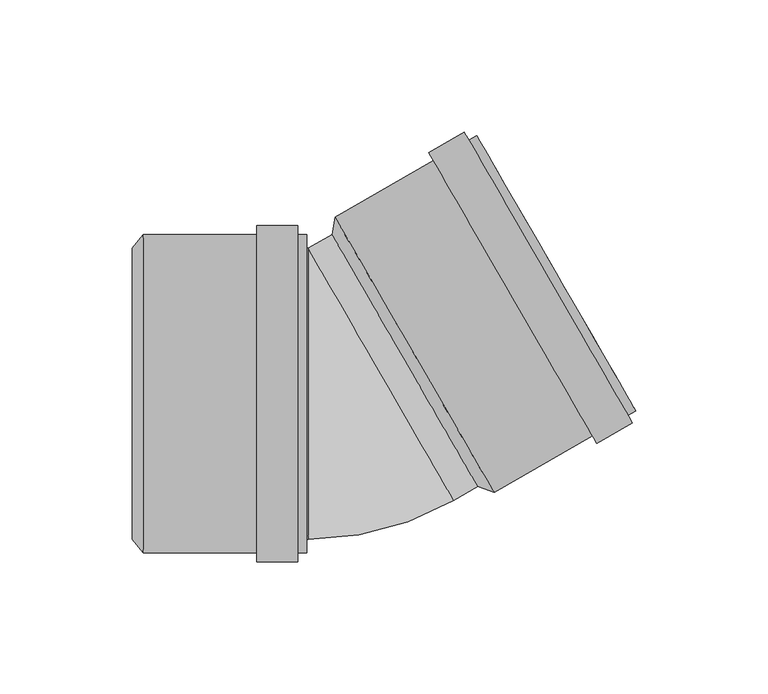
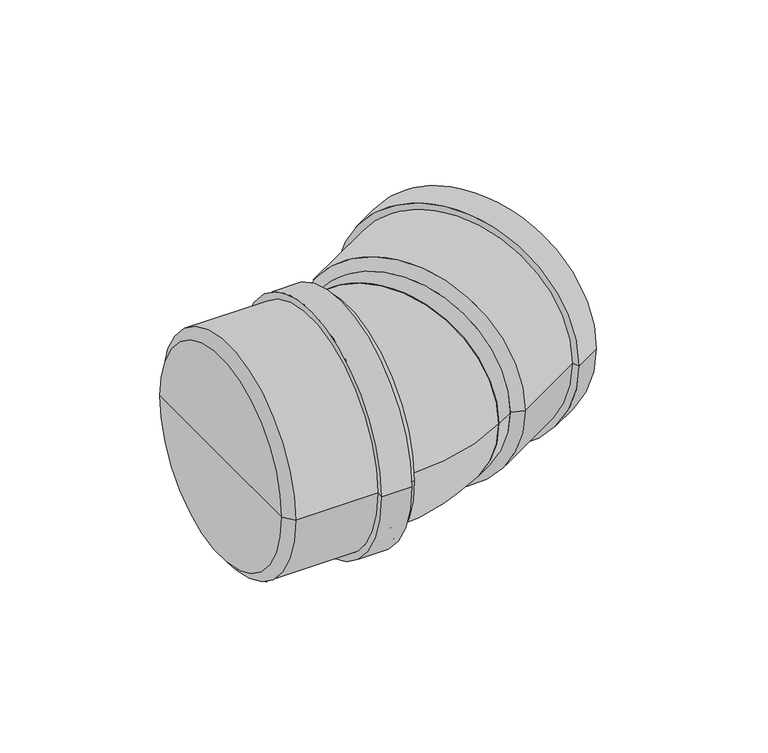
"""IFC4 building model written with IfcOpenShell, lengths in millimetres: pipe fitting geometry, pf_KGB : pf_KGB."""

from ifc_helpers import new_model, si_unit, point, frame, origin, origin_2d, place, context, project, spatial, polyline, circle_curve, ellipse_curve, trimmed, segment, composite_curve, outline, extrude, source, transform, mapped, element, save
from ifc_brep_helpers import plane_surface, cylinder_surface, revolved_surface, advanced_brep


def pipe_fitting_a868a8c7(model_context):
    return source(origin(), model_context, "Body", "SolidModel", [
        advanced_brep(
        [(49.3238402, -35.0313972, 0.0), (-5.6761598, 60.2313972, 0.0), (-4.5888531, 66.7481268, 0.0), (55.5111469, -37.3481268, 0.0), (21.8238402, 12.6, 0.0), (109.0315168, -6.4481268, 0.0), (48.9315168, 97.6481268, 0.0), (51.4815168, 93.2313972, 0.0), (106.4815168, -2.0313972, 0.0), (45.9870305, 95.9481268, 0.0), (106.0870305, -8.1481268, 0.0), (44.2870305, 98.8926131, 0.0), (107.7870305, -11.0926131, 0.0), (30.8636367, 91.1426131, 0.0), (94.3636367, -18.8426131, 0.0), (32.5636367, 88.1981268, 0.0), (92.6636367, -15.8981268, 0.0), (52.9611469, -32.9313972, 0.0), (-2.0388531, 62.3313972, 0.0), (25.4611469, 14.7, 0.0)],
        [
            (0, 1, circle_curve(frame((21.8238402, 12.6, 0.0), z_axis=(0.8660254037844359, 0.5000000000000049, 0.0), x_axis=(-0.5000000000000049, 0.8660254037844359, 0.0)), 55.0)),
            (1, 2),
            (2, 3, circle_curve(frame((25.4611469, 14.7, 0.0), z_axis=(-0.8660254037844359, -0.5000000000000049, 0.0), x_axis=(-0.5000000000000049, 0.8660254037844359, 0.0)), 60.1)),
            (3, 0),
            (1, 0, circle_curve(frame((21.8238402, 12.6, 0.0), z_axis=(0.8660254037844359, 0.5000000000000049, 0.0), x_axis=(-0.5000000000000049, 0.8660254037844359, 0.0)), 55.0)),
            (3, 2, circle_curve(frame((25.4611469, 14.7, 0.0), z_axis=(-0.8660254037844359, -0.5000000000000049, 0.0), x_axis=(-0.5000000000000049, 0.8660254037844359, 0.0)), 60.1)),
            (4, 1),
            (0, 4),
            (5, 6, circle_curve(frame((78.9815168, 45.6, 0.0), z_axis=(0.8660254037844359, 0.5000000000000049, 0.0), x_axis=(-0.5000000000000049, 0.8660254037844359, 0.0)), 60.1)),
            (6, 7),
            (7, 8, circle_curve(frame((78.9815168, 45.6, 0.0), z_axis=(-0.8660254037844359, -0.5000000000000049, 0.0), x_axis=(-0.5000000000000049, 0.8660254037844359, 0.0)), 55.0)),
            (8, 5),
            (9, 10, circle_curve(frame((76.0370305, 43.9, 0.0), z_axis=(0.8660254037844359, 0.5000000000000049, 0.0), x_axis=(-0.5000000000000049, 0.8660254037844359, 0.0)), 60.1)),
            (10, 5),
            (5, 6, circle_curve(frame((78.9815168, 45.6, 0.0), z_axis=(-0.8660254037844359, -0.5000000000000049, 0.0), x_axis=(-0.5000000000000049, 0.8660254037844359, 0.0)), 60.1)),
            (6, 9),
            (11, 12, circle_curve(frame((76.0370305, 43.9, 0.0), z_axis=(0.8660254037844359, 0.5000000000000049, 0.0), x_axis=(-0.5000000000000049, 0.8660254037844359, 0.0)), 63.5)),
            (12, 10),
            (9, 11),
            (13, 14, circle_curve(frame((62.6136367, 36.15, 0.0), z_axis=(0.8660254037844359, 0.5000000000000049, 0.0), x_axis=(-0.5000000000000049, 0.8660254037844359, 0.0)), 63.5)),
            (14, 12),
            (11, 13),
            (15, 16, circle_curve(frame((62.6136367, 36.15, 0.0), z_axis=(0.8660254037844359, 0.5000000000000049, 0.0), x_axis=(-0.5000000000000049, 0.8660254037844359, 0.0)), 60.1)),
            (16, 14),
            (13, 15),
            (8, 7, circle_curve(frame((78.9815168, 45.6, 0.0), z_axis=(-0.8660254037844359, -0.5000000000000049, 0.0), x_axis=(-0.5000000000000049, 0.8660254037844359, 0.0)), 55.0)),
            (10, 9, circle_curve(frame((76.0370305, 43.9, 0.0), z_axis=(0.8660254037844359, 0.5000000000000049, 0.0), x_axis=(-0.5000000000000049, 0.8660254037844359, 0.0)), 60.1)),
            (12, 11, circle_curve(frame((76.0370305, 43.9, 0.0), z_axis=(0.8660254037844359, 0.5000000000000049, 0.0), x_axis=(-0.5000000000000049, 0.8660254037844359, 0.0)), 63.5)),
            (14, 13, circle_curve(frame((62.6136367, 36.15, 0.0), z_axis=(0.8660254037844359, 0.5000000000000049, 0.0), x_axis=(-0.5000000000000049, 0.8660254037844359, 0.0)), 63.5)),
            (16, 15, circle_curve(frame((62.6136367, 36.15, 0.0), z_axis=(0.8660254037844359, 0.5000000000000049, 0.0), x_axis=(-0.5000000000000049, 0.8660254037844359, 0.0)), 60.1)),
            (2, 15),
            (16, 3),
            (17, 18, circle_curve(frame((25.4611469, 14.7, 0.0), z_axis=(0.8660254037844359, 0.5000000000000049, 0.0), x_axis=(-0.5000000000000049, 0.8660254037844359, 0.0)), 55.0)),
            (18, 19),
            (19, 17),
            (18, 17, circle_curve(frame((25.4611469, 14.7, 0.0), z_axis=(0.8660254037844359, 0.5000000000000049, 0.0), x_axis=(-0.5000000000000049, 0.8660254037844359, 0.0)), 55.0)),
            (7, 18),
            (17, 8),
        ],
        [
            revolved_surface(polyline([(-4.5888531, 66.7481268, 0.0), (-5.6761598, 60.2313972, 0.0)]), (21.8238402, 12.6, 0.0), (-0.8660254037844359, -0.5000000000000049, 0.0)),
            plane_surface(frame((21.8238402, 12.6, 0.0), z_axis=(-0.8660254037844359, -0.5000000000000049, 0.0), x_axis=(-0.5000000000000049, 0.8660254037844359, 0.0))),
            plane_surface(frame((78.9815168, 45.6, 0.0), z_axis=(0.8660254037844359, 0.5000000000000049, 0.0), x_axis=(-0.5000000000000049, 0.8660254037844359, 0.0))),
            cylinder_surface(frame((21.8238402, 12.6, 0.0), z_axis=(-0.8660254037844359, -0.5000000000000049, 0.0), x_axis=(-0.5000000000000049, 0.8660254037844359, 0.0)), 60.1),
            plane_surface(frame((76.0370305, 43.9, 0.0), z_axis=(0.8660254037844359, 0.5000000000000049, 0.0), x_axis=(-0.5000000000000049, 0.8660254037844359, 0.0))),
            cylinder_surface(frame((21.8238402, 12.6, 0.0), z_axis=(-0.8660254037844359, -0.5000000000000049, 0.0), x_axis=(-0.5000000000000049, 0.8660254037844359, 0.0)), 63.5),
            plane_surface(frame((62.6136367, 36.15, 0.0), z_axis=(-0.8660254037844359, -0.5000000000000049, 0.0), x_axis=(-0.5000000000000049, 0.8660254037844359, 0.0))),
            plane_surface(frame((25.4611469, 14.7, 0.0), z_axis=(0.8660254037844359, 0.5000000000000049, 0.0), x_axis=(-0.5000000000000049, 0.8660254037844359, 0.0))),
            revolved_surface(polyline([(-2.038853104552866, 62.331397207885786, 0.0), (51.48151681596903, 93.23139718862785, 0.0)]), (21.8238402, 12.6, 0.0), (-0.8660254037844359, -0.5000000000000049, 0.0)),
        ],
        [
            (0, [[1, 2, 3, 4]]),
            (0, [[5, -4, 6, -2]]),
            (1, [[7, -1, 8]]),
            (1, [[-8, -5, -7]]),
            (2, [[9, 10, 11, 12]]),
            (3, [[13, 14, 15, 16]]),
            (4, [[17, 18, -13, 19]]),
            (5, [[20, 21, -17, 22]]),
            (6, [[23, 24, -20, 25]]),
            (2, [[-15, -12, 26, -10]]),
            (3, [[27, -16, -9, -14]]),
            (4, [[28, -19, -27, -18]]),
            (5, [[29, -22, -28, -21]]),
            (6, [[30, -25, -29, -24]]),
            (3, [[-3, 31, -30, 32]]),
            (3, [[-6, -32, -23, -31]]),
            (7, [[33, 34, 35]]),
            (7, [[36, -35, -34]]),
            (8, [[-11, 37, -33, 38]]),
            (8, [[-26, -38, -36, -37]]),
        ],
    ),
        advanced_brep(
        [(-81.2, -55.0, 0.0), (-81.2, 55.0, 0.0), (-77.0, 60.1, 0.0), (-77.0, -60.1, 0.0), (-81.2, 0.0, 0.0), (-15.2, -60.1, 0.0), (-15.2, 60.1, 0.0), (-15.2, 55.0, 0.0), (-15.2, -55.0, 0.0), (-18.6, 60.1, 0.0), (-18.6, -60.1, 0.0), (-18.6, 63.5, 0.0), (-18.6, -63.5, 0.0), (-34.1, 63.5, 0.0), (-34.1, -63.5, 0.0), (-34.1, 60.1, 0.0), (-34.1, -60.1, 0.0), (-77.0, -55.0, 0.0), (-77.0, 55.0, 0.0), (-77.0, 0.0, 0.0)],
        [
            (0, 1, circle_curve(frame((-81.2, 0.0, 0.0), z_axis=(1.0, 0.0, 0.0), x_axis=(0.0, 1.0, 0.0)), 55.0)),
            (1, 2),
            (2, 3, circle_curve(frame((-77.0, 0.0, 0.0), z_axis=(-1.0, 0.0, 0.0), x_axis=(0.0, 1.0, 0.0)), 60.1)),
            (3, 0),
            (1, 0, circle_curve(frame((-81.2, 0.0, 0.0), z_axis=(1.0, 0.0, 0.0), x_axis=(0.0, 1.0, 0.0)), 55.0)),
            (3, 2, circle_curve(frame((-77.0, 0.0, 0.0), z_axis=(-1.0, 0.0, 0.0), x_axis=(0.0, 1.0, 0.0)), 60.1)),
            (4, 1),
            (0, 4),
            (5, 6, circle_curve(frame((-15.2, 0.0, 0.0), z_axis=(1.0, 0.0, 0.0), x_axis=(0.0, 1.0, 0.0)), 60.1)),
            (6, 7),
            (7, 8, circle_curve(frame((-15.2, 0.0, 0.0), z_axis=(-1.0, 0.0, 0.0), x_axis=(0.0, 1.0, 0.0)), 55.0)),
            (8, 5),
            (9, 10, circle_curve(frame((-18.6, 0.0, 0.0), z_axis=(1.0, 0.0, 0.0), x_axis=(0.0, 1.0, 0.0)), 60.1)),
            (10, 5),
            (5, 6, circle_curve(frame((-15.2, 0.0, 0.0), z_axis=(-1.0, 0.0, 0.0), x_axis=(0.0, 1.0, 0.0)), 60.1)),
            (6, 9),
            (11, 12, circle_curve(frame((-18.6, 0.0, 0.0), z_axis=(1.0, 0.0, 0.0), x_axis=(0.0, 1.0, 0.0)), 63.5)),
            (12, 10),
            (9, 11),
            (13, 14, circle_curve(frame((-34.1, 0.0, 0.0), z_axis=(1.0, 0.0, 0.0), x_axis=(0.0, 1.0, 0.0)), 63.5)),
            (14, 12),
            (11, 13),
            (15, 16, circle_curve(frame((-34.1, 0.0, 0.0), z_axis=(1.0, 0.0, 0.0), x_axis=(0.0, 1.0, 0.0)), 60.1)),
            (16, 14),
            (13, 15),
            (8, 7, circle_curve(frame((-15.2, 0.0, 0.0), z_axis=(-1.0, 0.0, 0.0), x_axis=(0.0, 1.0, 0.0)), 55.0)),
            (10, 9, circle_curve(frame((-18.6, 0.0, 0.0), z_axis=(1.0, 0.0, 0.0), x_axis=(0.0, 1.0, 0.0)), 60.1)),
            (12, 11, circle_curve(frame((-18.6, 0.0, 0.0), z_axis=(1.0, 0.0, 0.0), x_axis=(0.0, 1.0, 0.0)), 63.5)),
            (14, 13, circle_curve(frame((-34.1, 0.0, 0.0), z_axis=(1.0, 0.0, 0.0), x_axis=(0.0, 1.0, 0.0)), 63.5)),
            (16, 15, circle_curve(frame((-34.1, 0.0, 0.0), z_axis=(1.0, 0.0, 0.0), x_axis=(0.0, 1.0, 0.0)), 60.1)),
            (2, 15),
            (16, 3),
            (17, 18, circle_curve(frame((-77.0, 0.0, 0.0), z_axis=(1.0, 0.0, 0.0), x_axis=(0.0, 1.0, 0.0)), 55.0)),
            (18, 19),
            (19, 17),
            (18, 17, circle_curve(frame((-77.0, 0.0, 0.0), z_axis=(1.0, 0.0, 0.0), x_axis=(0.0, 1.0, 0.0)), 55.0)),
            (7, 18),
            (17, 8),
        ],
        [
            revolved_surface(polyline([(-77.0, 60.1, 0.0), (-81.2, 55.0, 0.0)]), (-81.2, 0.0, 0.0), (-1.0, 0.0, 0.0)),
            plane_surface(frame((-81.2, 0.0, 0.0), z_axis=(-1.0, 0.0, 0.0), x_axis=(0.0, 1.0, 0.0))),
            plane_surface(frame((-15.2, 0.0, 0.0), z_axis=(1.0, 0.0, 0.0), x_axis=(0.0, 1.0, 0.0))),
            cylinder_surface(frame((-81.2, 0.0, 0.0), z_axis=(-1.0, 0.0, 0.0), x_axis=(0.0, 1.0, 0.0)), 60.1),
            plane_surface(frame((-18.6, 0.0, 0.0), z_axis=(1.0, 0.0, 0.0), x_axis=(0.0, 1.0, 0.0))),
            cylinder_surface(frame((-81.2, 0.0, 0.0), z_axis=(-1.0, 0.0, 0.0), x_axis=(0.0, 1.0, 0.0)), 63.5),
            plane_surface(frame((-34.1, 0.0, 0.0), z_axis=(-1.0, 0.0, 0.0), x_axis=(0.0, 1.0, 0.0))),
            plane_surface(frame((-77.0, 0.0, 0.0), z_axis=(1.0, 0.0, 0.0), x_axis=(0.0, 1.0, 0.0))),
            revolved_surface(polyline([(-77.0, 55.0, 0.0), (-15.200000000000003, 55.0, 0.0)]), (-81.2, 0.0, 0.0), (-1.0, 0.0, 0.0)),
        ],
        [
            (0, [[1, 2, 3, 4]]),
            (0, [[5, -4, 6, -2]]),
            (1, [[7, -1, 8]]),
            (1, [[-8, -5, -7]]),
            (2, [[9, 10, 11, 12]]),
            (3, [[13, 14, 15, 16]]),
            (4, [[17, 18, -13, 19]]),
            (5, [[20, 21, -17, 22]]),
            (6, [[23, 24, -20, 25]]),
            (2, [[-15, -12, 26, -10]]),
            (3, [[27, -16, -9, -14]]),
            (4, [[28, -19, -27, -18]]),
            (5, [[29, -22, -28, -21]]),
            (6, [[30, -25, -29, -24]]),
            (3, [[-3, 31, -30, 32]]),
            (3, [[-6, -32, -23, -31]]),
            (7, [[33, 34, 35]]),
            (7, [[36, -35, -34]]),
            (8, [[-11, 37, -33, 38]]),
            (8, [[-26, -38, -36, -37]]),
        ],
    ),
        extrude(outline(composite_curve([segment(trimmed(circle_curve(origin_2d(), 55.0), [point((0.0, -55.0))], [point((0.0, 55.0))], False, "CARTESIAN"), True, "CONTINUOUS"), segment(trimmed(circle_curve(origin_2d(), 55.0), [point((0.0, 55.0))], [point((0.0, -55.0))], False, "CARTESIAN"), True, "CONTINUOUS")], self_intersect=False)), frame((12.7627944, 7.3686028, 0.0), z_axis=(0.8660254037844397, 0.49999999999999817, 0.0), x_axis=(0.0, 0.0, 1.0)), (0.0, 0.0, 1.0), 10.4627944),
        extrude(outline(composite_curve([segment(trimmed(circle_curve(origin_2d(), 55.0), [point((-55.0, 0.0))], [point((55.0, 0.0))], False, "CARTESIAN"), True, "CONTINUOUS"), segment(trimmed(circle_curve(origin_2d(), 55.0), [point((55.0, 0.0))], [point((-55.0, 0.0))], False, "CARTESIAN"), True, "CONTINUOUS")], self_intersect=False)), frame((-77.0, 0.0, 0.0), z_axis=(1.0, 0.0, 0.0), x_axis=(0.0, 1.0, 0.0)), (0.0, 0.0, 1.0), 62.2627944),
        advanced_brep(
        [(-14.7372056, -55.0, 0.0), (-14.7372056, 55.0, 0.0), (40.2627944, -40.2627944, 0.0)],
        [
            (0, 1, circle_curve(frame((-14.7372056, 0.0, 0.0), z_axis=(-1.0, 0.0, 0.0), x_axis=(0.0, 1.0, 0.0)), 55.0)),
            (1, 0, circle_curve(frame((-14.7372056, 0.0, 0.0), z_axis=(-1.0, 0.0, 0.0), x_axis=(0.0, 1.0, 0.0)), 55.0)),
            (2, 1, circle_curve(frame((12.7627944, 7.3686028, 0.0), z_axis=(0.8660254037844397, 0.49999999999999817, 0.0), x_axis=(-0.49999999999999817, 0.8660254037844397, 0.0)), 55.0)),
            (1, 2, circle_curve(frame((12.7627944, 7.3686028, 0.0), z_axis=(0.8660254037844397, 0.49999999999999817, 0.0), x_axis=(-0.49999999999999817, 0.8660254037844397, 0.0)), 55.0)),
            (2, 0, circle_curve(frame((-14.7372056, 55.0, 0.0), z_axis=(0.0, 0.0, -1.0), x_axis=(0.0, -1.0, 0.0)), 110.0)),
        ],
        [
            plane_surface(frame((-14.7372056, 55.0, -14.8), z_axis=(-1.0, 0.0, 0.0), x_axis=(0.0, -1.0, 0.0))),
            plane_surface(frame((-14.7372056, 55.0, -14.8), z_axis=(0.8660254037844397, 0.4999999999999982, 0.0), x_axis=(0.4999999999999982, -0.8660254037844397, 0.0))),
            revolved_surface(trimmed(ellipse_curve(frame((-14.7372056, 0.0, 0.0), z_axis=(1.0, 0.0, 0.0), x_axis=(0.0, 1.0, 0.0)), 55.0, 55.0), [point((-14.7372056, -55.0, 0.0))], [point((-14.7372056, 55.0, 0.0))], True, "CARTESIAN"), (-14.7372056, 55.0, -14.8), (0.0, 0.0, -1.0)),
            revolved_surface(trimmed(ellipse_curve(frame((-14.7372056, 0.0, 0.0), z_axis=(1.0, 0.0, 0.0), x_axis=(0.0, 1.0, 0.0)), 55.0, 55.0), [point((-14.7372056, 55.0, 0.0))], [point((-14.7372056, -55.0, 0.0))], True, "CARTESIAN"), (-14.7372056, 55.0, -14.8), (0.0, 0.0, -1.0)),
        ],
        [
            (0, [[1, 2]]),
            (1, [[3, 4]]),
            (2, [[5, -2, -3]]),
            (3, [[-1, -5, -4]]),
        ],
    ),
    ])


if __name__ == "__main__":
    model = new_model("IFC4")
    model_context = context("Model", 3, world=origin())
    ifc_project = project(units=[si_unit("LENGTHUNIT", "METRE", prefix="MILLI")], contexts=[model_context])
    site = spatial("IfcSite", under=ifc_project)
    building = spatial("IfcBuilding", under=site)
    placement = place(None, origin())
    pipe_fitting_shape = pipe_fitting_a868a8c7(model_context)
    element("IfcPipeFitting", 1, ObjectType="pf_KGB : pf_KGB", at=placement, inside=building, context=model_context, shape_type="MappedRepresentation", body=[
        mapped(pipe_fitting_shape, transform((0.0, 0.0, 0.0), x_axis=(1.0, 0.0, 0.0), y_axis=(0.0, 1.0, 0.0), z_axis=(0.0, 0.0, 1.0))),
    ])
    save(model, "model.ifc")
====================
→ Problem to solve
The job here is to find each line above with the word "segment" and copy it.

→ Response to this exercise
from ifc_helpers import new_model, si_unit, point, frame, origin, origin_2d, place, context, project, spatial, polyline, circle_curve, ellipse_curve, trimmed, segment, composite_curve, outline, extrude, source, transform, mapped, element, save
        extrude(outline(composite_curve([segment(trimmed(circle_curve(origin_2d(), 55.0), [point((0.0, -55.0))], [point((0.0, 55.0))], False, "CARTESIAN"), True, "CONTINUOUS"), segment(trimmed(circle_curve(origin_2d(), 55.0), [point((0.0, 55.0))], [point((0.0, -55.0))], False, "CARTESIAN"), True, "CONTINUOUS")], self_intersect=False)), frame((12.7627944, 7.3686028, 0.0), z_axis=(0.8660254037844397, 0.49999999999999817, 0.0), x_axis=(0.0, 0.0, 1.0)), (0.0, 0.0, 1.0), 10.4627944),
        extrude(outline(composite_curve([segment(trimmed(circle_curve(origin_2d(), 55.0), [point((-55.0, 0.0))], [point((55.0, 0.0))], False, "CARTESIAN"), True, "CONTINUOUS"), segment(trimmed(circle_curve(origin_2d(), 55.0), [point((55.0, 0.0))], [point((-55.0, 0.0))], False, "CARTESIAN"), True, "CONTINUOUS")], self_intersect=False)), frame((-77.0, 0.0, 0.0), z_axis=(1.0, 0.0, 0.0), x_axis=(0.0, 1.0, 0.0)), (0.0, 0.0, 1.0), 62.2627944),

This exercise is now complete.